* What is expected *
Leave every picture out and return the rest of the listing verbatim.

* Supplied material *
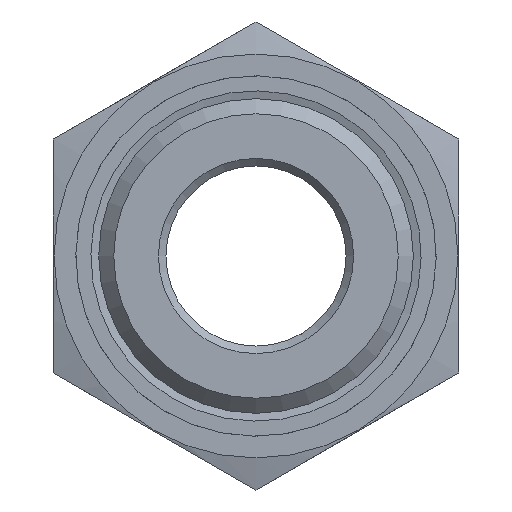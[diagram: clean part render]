
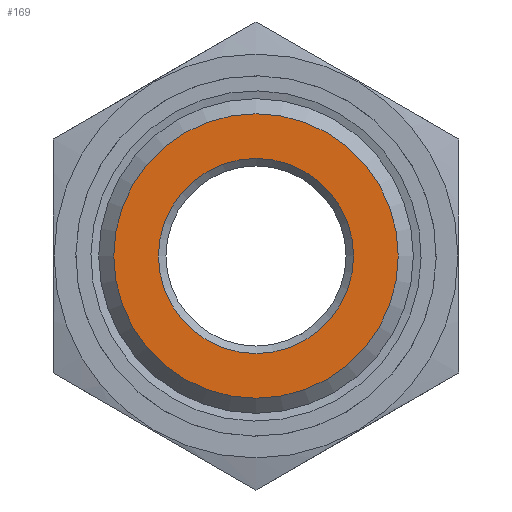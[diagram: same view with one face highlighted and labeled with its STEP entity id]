
A CAD part, left-side view. The second image highlights one B-rep face of the part: STEP entity #169.
In plain terms, the highlighted planar face has unit normal (-1, 0, 0).
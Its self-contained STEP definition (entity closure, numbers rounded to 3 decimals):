
#169 = ADVANCED_FACE( '', ( #339, #340 ), #341, .T. );
#339 = FACE_BOUND( '', #495, .T. );
#340 = FACE_OUTER_BOUND( '', #496, .T. );
#341 = PLANE( '', #497 );
#495 = EDGE_LOOP( '', ( #733 ) );
#496 = EDGE_LOOP( '', ( #734 ) );
#497 = AXIS2_PLACEMENT_3D( '', #735, #736, #737 );
#733 = ORIENTED_EDGE( '', *, *, #783, .T. );
#734 = ORIENTED_EDGE( '', *, *, #791, .T. );
#735 = CARTESIAN_POINT( '', ( -41., -13.5, -7.794 ) );
#736 = DIRECTION( '', ( -1., 0., 0. ) );
#737 = DIRECTION( '', ( 0., -1., 0. ) );
#783 = EDGE_CURVE( '', #886, #886, #887, .F. );
#791 = EDGE_CURVE( '', #899, #899, #900, .T. );
#886 = VERTEX_POINT( '', #1051 );
#887 = CIRCLE( '', #1052, 6.5 );
#899 = VERTEX_POINT( '', #1064 );
#900 = CIRCLE( '', #1065, 9.478 );
#1051 = CARTESIAN_POINT( '', ( -41., -6.5, 0. ) );
#1052 = AXIS2_PLACEMENT_3D( '', #1236, #1237, #1238 );
#1064 = CARTESIAN_POINT( '', ( -41., -9.478, 0. ) );
#1065 = AXIS2_PLACEMENT_3D( '', #1251, #1252, #1253 );
#1236 = CARTESIAN_POINT( '', ( -41., 0., 0. ) );
#1237 = DIRECTION( '', ( -1., 0., 0. ) );
#1238 = DIRECTION( '', ( 0., -1., 0. ) );
#1251 = CARTESIAN_POINT( '', ( -41., 0., 0. ) );
#1252 = DIRECTION( '', ( -1., 0., 0. ) );
#1253 = DIRECTION( '', ( 0., -1., 0. ) );

* Solved problem *
[diagram: clean part render]
[diagram: same view with one face highlighted and labeled with its STEP entity id]
A CAD part, left-side view. The second image highlights one B-rep face of the part: STEP entity #169.
In plain terms, the highlighted planar face has unit normal (-1, 0, 0).
Its self-contained STEP definition (entity closure, numbers rounded to 3 decimals):
#169 = ADVANCED_FACE( '', ( #339, #340 ), #341, .T. );
#339 = FACE_BOUND( '', #495, .T. );
#340 = FACE_OUTER_BOUND( '', #496, .T. );
#341 = PLANE( '', #497 );
#495 = EDGE_LOOP( '', ( #733 ) );
#496 = EDGE_LOOP( '', ( #734 ) );
#497 = AXIS2_PLACEMENT_3D( '', #735, #736, #737 );
#733 = ORIENTED_EDGE( '', *, *, #783, .T. );
#734 = ORIENTED_EDGE( '', *, *, #791, .T. );
#735 = CARTESIAN_POINT( '', ( -41., -13.5, -7.794 ) );
#736 = DIRECTION( '', ( -1., 0., 0. ) );
#737 = DIRECTION( '', ( 0., -1., 0. ) );
#783 = EDGE_CURVE( '', #886, #886, #887, .F. );
#791 = EDGE_CURVE( '', #899, #899, #900, .T. );
#886 = VERTEX_POINT( '', #1051 );
#887 = CIRCLE( '', #1052, 6.5 );
#899 = VERTEX_POINT( '', #1064 );
#900 = CIRCLE( '', #1065, 9.478 );
#1051 = CARTESIAN_POINT( '', ( -41., -6.5, 0. ) );
#1052 = AXIS2_PLACEMENT_3D( '', #1236, #1237, #1238 );
#1064 = CARTESIAN_POINT( '', ( -41., -9.478, 0. ) );
#1065 = AXIS2_PLACEMENT_3D( '', #1251, #1252, #1253 );
#1236 = CARTESIAN_POINT( '', ( -41., 0., 0. ) );
#1237 = DIRECTION( '', ( -1., 0., 0. ) );
#1238 = DIRECTION( '', ( 0., -1., 0. ) );
#1251 = CARTESIAN_POINT( '', ( -41., 0., 0. ) );
#1252 = DIRECTION( '', ( -1., 0., 0. ) );
#1253 = DIRECTION( '', ( 0., -1., 0. ) );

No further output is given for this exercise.